> [Work order] An exact transcription of all the records below is required, without any images.

> [Data excerpts]
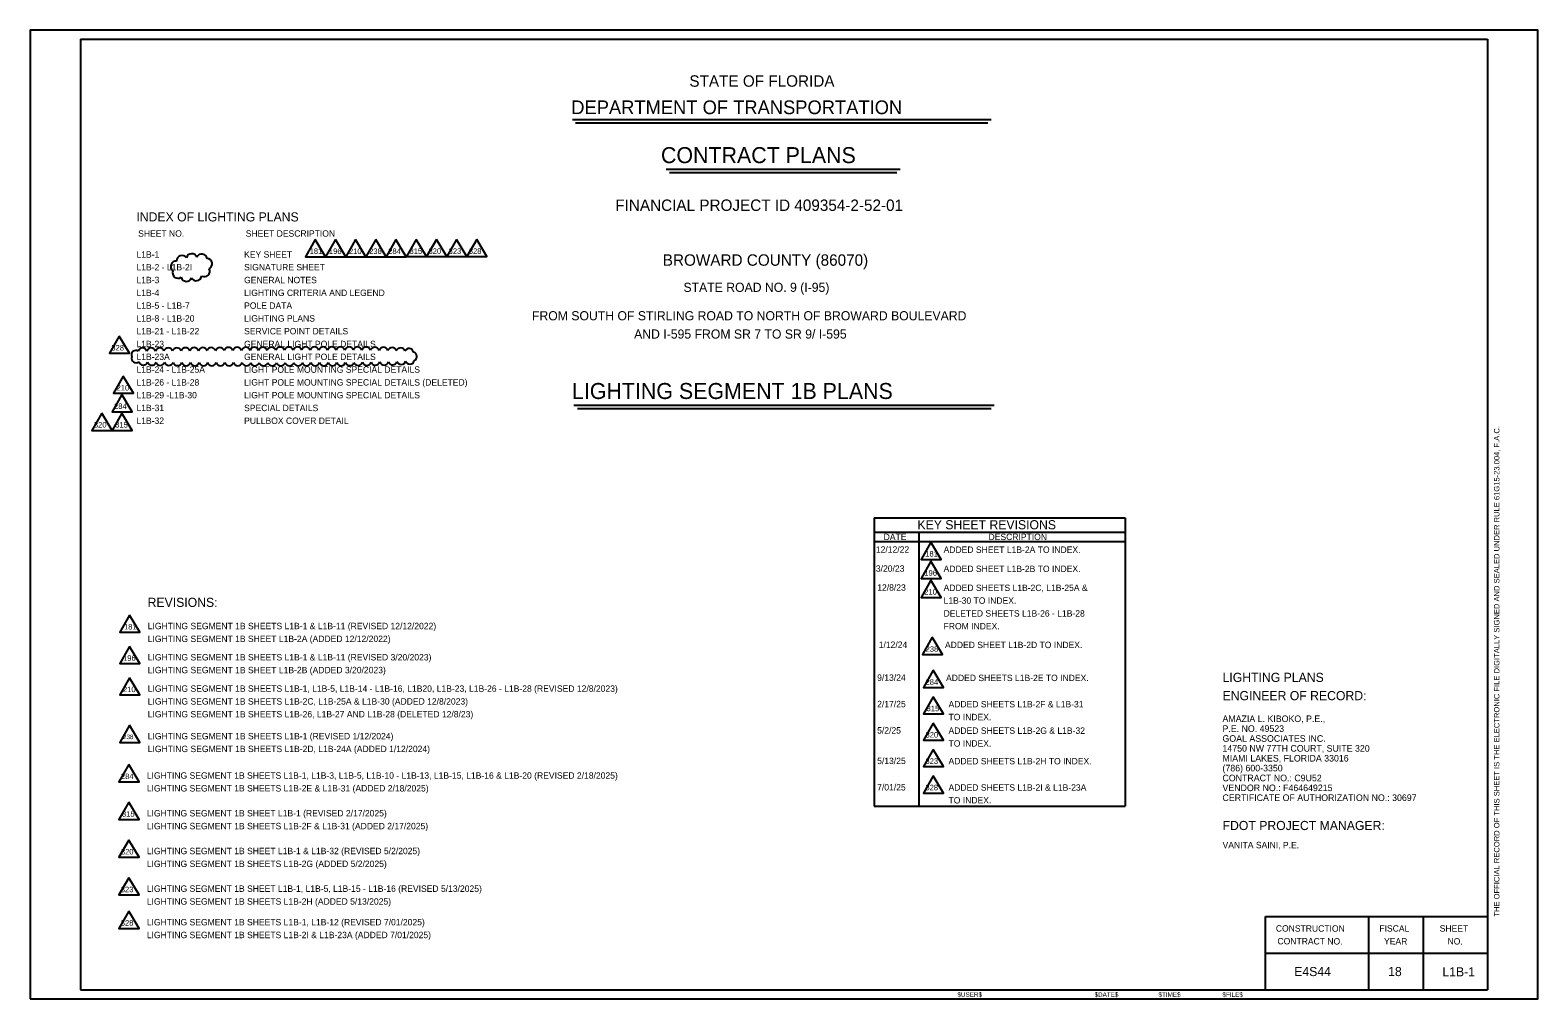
# Model space of a CAD drawing. Extents: x -818.6 to -802.1, y -2197.9 to -2175.
# Drawn here: x -818.56 to -802.06, y -2197.92 to -2187.32 of the extents above; entities that cross this region are included whole.
import ezdxf

# ---------------------------------------------------------------- set-up
doc = ezdxf.new("R2010")
doc.units = 0
for name, color, linetype in [('ActivePointCell_dp', 7, 'Continuous'), ('Cloud_dp', 7, 'Continuous'), ('PlotBorder_dp', 7, 'Continuous'), ('SheetBorder_dp', 7, 'Continuous'), ('SheetLines_dp', 7, 'Continuous'), ('SumBoxLines_dp', 7, 'Continuous'), ('TextLabel', 7, 'Continuous'), ('TextMinor', 7, 'Continuous'), ('TextMisc', 7, 'Continuous'), ('TextNotes', 7, 'Continuous'), ('TextShtNo', 7, 'Continuous'), ('TextTitle', 7, 'Continuous')]:
    doc.layers.add(name, color=color, linetype=linetype)

msp = doc.modelspace()

# ---------------------------------------------------------------- linework, layer by layer
at = {"layer": 'ActivePointCell_dp'}
msp.add_line((-802.614, -2187.419), (-802.614, -2187.419), dxfattribs=at)
at = {"layer": 'Cloud_dp'}
for points in [[(-815.443, -2189.61), (-815.551, -2189.798), (-815.33, -2189.798)], [(-815.222, -2189.61), (-815.33, -2189.798), (-815.109, -2189.798)], [(-815.002, -2189.61), (-815.109, -2189.798), (-814.889, -2189.798)], [(-814.781, -2189.61), (-814.889, -2189.798), (-814.668, -2189.798)], [(-814.56, -2189.61), (-814.667, -2189.798), (-814.447, -2189.798)], [(-814.339, -2189.609), (-814.446, -2189.797), (-814.226, -2189.797)], [(-814.118, -2189.609), (-814.226, -2189.797), (-814.005, -2189.797)], [(-813.897, -2189.609), (-814.005, -2189.797), (-813.784, -2189.797)], [(-813.677, -2189.609), (-813.784, -2189.797), (-813.564, -2189.797)], [(-817.588, -2190.666), (-817.696, -2190.854), (-817.475, -2190.854)], [(-817.545, -2191.104), (-817.652, -2191.292), (-817.432, -2191.292)], [(-817.559, -2191.306), (-817.667, -2191.494), (-817.446, -2191.494)], [(-817.78, -2191.509), (-817.888, -2191.698), (-817.667, -2191.698)], [(-817.559, -2191.509), (-817.667, -2191.698), (-817.446, -2191.698)], [(-808.706, -2192.922), (-808.814, -2193.11), (-808.593, -2193.11)], [(-808.706, -2193.13), (-808.814, -2193.318), (-808.593, -2193.318)], [(-808.706, -2193.338), (-808.814, -2193.526), (-808.593, -2193.526)], [(-817.475, -2193.719), (-817.583, -2193.907), (-817.362, -2193.907)], [(-808.691, -2193.963), (-808.799, -2194.151), (-808.578, -2194.151)], [(-817.475, -2194.062), (-817.583, -2194.25), (-817.362, -2194.25)], [(-808.68, -2194.324), (-808.787, -2194.512), (-808.567, -2194.512)], [(-817.475, -2194.405), (-817.583, -2194.593), (-817.362, -2194.593)], [(-808.68, -2194.613), (-808.787, -2194.801), (-808.567, -2194.801)], [(-817.475, -2194.924), (-817.583, -2195.113), (-817.362, -2195.113)], [(-808.68, -2194.901), (-808.787, -2195.089), (-808.567, -2195.089)], [(-808.68, -2195.19), (-808.787, -2195.378), (-808.567, -2195.378)], [(-817.485, -2195.356), (-817.593, -2195.544), (-817.372, -2195.544)], [(-808.68, -2195.478), (-808.787, -2195.667), (-808.567, -2195.667)], [(-817.485, -2195.768), (-817.593, -2195.957), (-817.372, -2195.957)], [(-817.485, -2196.181), (-817.593, -2196.369), (-817.372, -2196.369)], [(-817.485, -2196.594), (-817.593, -2196.782), (-817.372, -2196.782)], [(-817.485, -2196.96), (-817.593, -2197.148), (-817.372, -2197.148)]]:
    msp.add_lwpolyline(points, close=True, dxfattribs=at)
for centre, radius, start, end in [((-816.966, -2189.905), 0.0599, 86.9907, 231.9907), ((-816.902, -2189.845), 0.06, 35.4166, 180.4166), ((-816.795, -2189.825), 0.0599, 21.2778, 166.2778), ((-816.685, -2189.828), 0.0599, 9.9863, 154.9863), ((-816.632, -2189.877), 0.0599, 298.9542, 83.9542), ((-816.946, -2189.974), 0.0599, 159.4236, 304.4236), ((-816.854, -2190.008), 0.0599, 194.4381, 339.4381), ((-816.745, -2190.001), 0.0599, 207.5787, 352.5787), ((-816.657, -2189.957), 0.0599, 241.4449, 26.4449), ((-817.407, -2190.874), 0.0494, 58.9897, 203.9897), ((-817.334, -2190.846), 0.0494, 18.7741, 163.7741), ((-817.24, -2190.845), 0.0494, 17.5, 162.5), ((-817.146, -2190.845), 0.0494, 17.6778, 162.6778), ((-817.052, -2190.844), 0.0494, 17.8653, 162.8653), ((-816.958, -2190.844), 0.0494, 17.8653, 162.8653), ((-816.863, -2190.843), 0.0494, 17.8653, 162.8653), ((-816.769, -2190.842), 0.0494, 17.8653, 162.8653), ((-816.675, -2190.842), 0.0494, 17.8653, 162.8653), ((-816.581, -2190.841), 0.0494, 17.8653, 162.8653), ((-816.487, -2190.841), 0.0494, 17.8653, 162.8653), ((-816.393, -2190.84), 0.0494, 17.8653, 162.8653), ((-816.298, -2190.839), 0.0494, 17.8653, 162.8653), ((-816.204, -2190.839), 0.0494, 17.8653, 162.8653), ((-816.11, -2190.838), 0.0494, 17.8653, 162.8653), ((-816.016, -2190.838), 0.0494, 17.8653, 162.8653), ((-815.922, -2190.837), 0.0494, 17.8653, 162.8653), ((-815.828, -2190.836), 0.0494, 17.8653, 162.8653), ((-815.733, -2190.836), 0.0494, 17.8425, 162.8425), ((-815.639, -2190.835), 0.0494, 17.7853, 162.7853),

> [Output for this task]
# Model space of a CAD drawing. Extents: x -818.6 to -802.1, y -2197.9 to -2175.
# Drawn here: x -818.56 to -802.06, y -2197.92 to -2187.32 of the extents above; entities that cross this region are included whole.
import ezdxf

# ---------------------------------------------------------------- set-up
doc = ezdxf.new("R2010")
doc.units = 0
for name, color, linetype in [('ActivePointCell_dp', 7, 'Continuous'), ('Cloud_dp', 7, 'Continuous'), ('PlotBorder_dp', 7, 'Continuous'), ('SheetBorder_dp', 7, 'Continuous'), ('SheetLines_dp', 7, 'Continuous'), ('SumBoxLines_dp', 7, 'Continuous'), ('TextLabel', 7, 'Continuous'), ('TextMinor', 7, 'Continuous'), ('TextMisc', 7, 'Continuous'), ('TextNotes', 7, 'Continuous'), ('TextShtNo', 7, 'Continuous'), ('TextTitle', 7, 'Continuous')]:
    doc.layers.add(name, color=color, linetype=linetype)

msp = doc.modelspace()

# ---------------------------------------------------------------- linework, layer by layer
at = {"layer": 'ActivePointCell_dp'}
msp.add_line((-802.614, -2187.419), (-802.614, -2187.419), dxfattribs=at)
at = {"layer": 'Cloud_dp'}
for points in [[(-815.443, -2189.61), (-815.551, -2189.798), (-815.33, -2189.798)], [(-815.222, -2189.61), (-815.33, -2189.798), (-815.109, -2189.798)], [(-815.002, -2189.61), (-815.109, -2189.798), (-814.889, -2189.798)], [(-814.781, -2189.61), (-814.889, -2189.798), (-814.668, -2189.798)], [(-814.56, -2189.61), (-814.667, -2189.798), (-814.447, -2189.798)], [(-814.339, -2189.609), (-814.446, -2189.797), (-814.226, -2189.797)], [(-814.118, -2189.609), (-814.226, -2189.797), (-814.005, -2189.797)], [(-813.897, -2189.609), (-814.005, -2189.797), (-813.784, -2189.797)], [(-813.677, -2189.609), (-813.784, -2189.797), (-813.564, -2189.797)], [(-817.588, -2190.666), (-817.696, -2190.854), (-817.475, -2190.854)], [(-817.545, -2191.104), (-817.652, -2191.292), (-817.432, -2191.292)], [(-817.559, -2191.306), (-817.667, -2191.494), (-817.446, -2191.494)], [(-817.78, -2191.509), (-817.888, -2191.698), (-817.667, -2191.698)], [(-817.559, -2191.509), (-817.667, -2191.698), (-817.446, -2191.698)], [(-808.706, -2192.922), (-808.814, -2193.11), (-808.593, -2193.11)], [(-808.706, -2193.13), (-808.814, -2193.318), (-808.593, -2193.318)], [(-808.706, -2193.338), (-808.814, -2193.526), (-808.593, -2193.526)], [(-817.475, -2193.719), (-817.583, -2193.907), (-817.362, -2193.907)], [(-808.691, -2193.963), (-808.799, -2194.151), (-808.578, -2194.151)], [(-817.475, -2194.062), (-817.583, -2194.25), (-817.362, -2194.25)], [(-808.68, -2194.324), (-808.787, -2194.512), (-808.567, -2194.512)], [(-817.475, -2194.405), (-817.583, -2194.593), (-817.362, -2194.593)], [(-808.68, -2194.613), (-808.787, -2194.801), (-808.567, -2194.801)], [(-817.475, -2194.924), (-817.583, -2195.113), (-817.362, -2195.113)], [(-808.68, -2194.901), (-808.787, -2195.089), (-808.567, -2195.089)], [(-808.68, -2195.19), (-808.787, -2195.378), (-808.567, -2195.378)], [(-817.485, -2195.356), (-817.593, -2195.544), (-817.372, -2195.544)], [(-808.68, -2195.478), (-808.787, -2195.667), (-808.567, -2195.667)], [(-817.485, -2195.768), (-817.593, -2195.957), (-817.372, -2195.957)], [(-817.485, -2196.181), (-817.593, -2196.369), (-817.372, -2196.369)], [(-817.485, -2196.594), (-817.593, -2196.782), (-817.372, -2196.782)], [(-817.485, -2196.96), (-817.593, -2197.148), (-817.372, -2197.148)]]:
    msp.add_lwpolyline(points, close=True, dxfattribs=at)
for centre, radius, start, end in [((-816.966, -2189.905), 0.0599, 86.9907, 231.9907), ((-816.902, -2189.845), 0.06, 35.4166, 180.4166), ((-816.795, -2189.825), 0.0599, 21.2778, 166.2778), ((-816.685, -2189.828), 0.0599, 9.9863, 154.9863), ((-816.632, -2189.877), 0.0599, 298.9542, 83.9542), ((-816.946, -2189.974), 0.0599, 159.4236, 304.4236), ((-816.854, -2190.008), 0.0599, 194.4381, 339.4381), ((-816.745, -2190.001), 0.0599, 207.5787, 352.5787), ((-816.657, -2189.957), 0.0599, 241.4449, 26.4449), ((-817.407, -2190.874), 0.0494, 58.9897, 203.9897), ((-817.334, -2190.846), 0.0494, 18.7741, 163.7741), ((-817.24, -2190.845), 0.0494, 17.5, 162.5), ((-817.146, -2190.845), 0.0494, 17.6778, 162.6778), ((-817.052, -2190.844), 0.0494, 17.8653, 162.8653), ((-816.958, -2190.844), 0.0494, 17.8653, 162.8653), ((-816.863, -2190.843), 0.0494, 17.8653, 162.8653), ((-816.769, -2190.842), 0.0494, 17.8653, 162.8653), ((-816.675, -2190.842), 0.0494, 17.8653, 162.8653), ((-816.581, -2190.841), 0.0494, 17.8653, 162.8653), ((-816.487, -2190.841), 0.0494, 17.8653, 162.8653), ((-816.393, -2190.84), 0.0494, 17.8653, 162.8653), ((-816.298, -2190.839), 0.0494, 17.8653, 162.8653), ((-816.204, -2190.839), 0.0494, 17.8653, 162.8653), ((-816.11, -2190.838), 0.0494, 17.8653, 162.8653), ((-816.016, -2190.838), 0.0494, 17.8653, 162.8653), ((-815.922, -2190.837), 0.0494, 17.8653, 162.8653), ((-815.828, -2190.836), 0.0494, 17.8653, 162.8653), ((-815.733, -2190.836), 0.0494, 17.8425, 162.8425), ((-815.639, -2190.835), 0.0494, 17.7853, 162.7853),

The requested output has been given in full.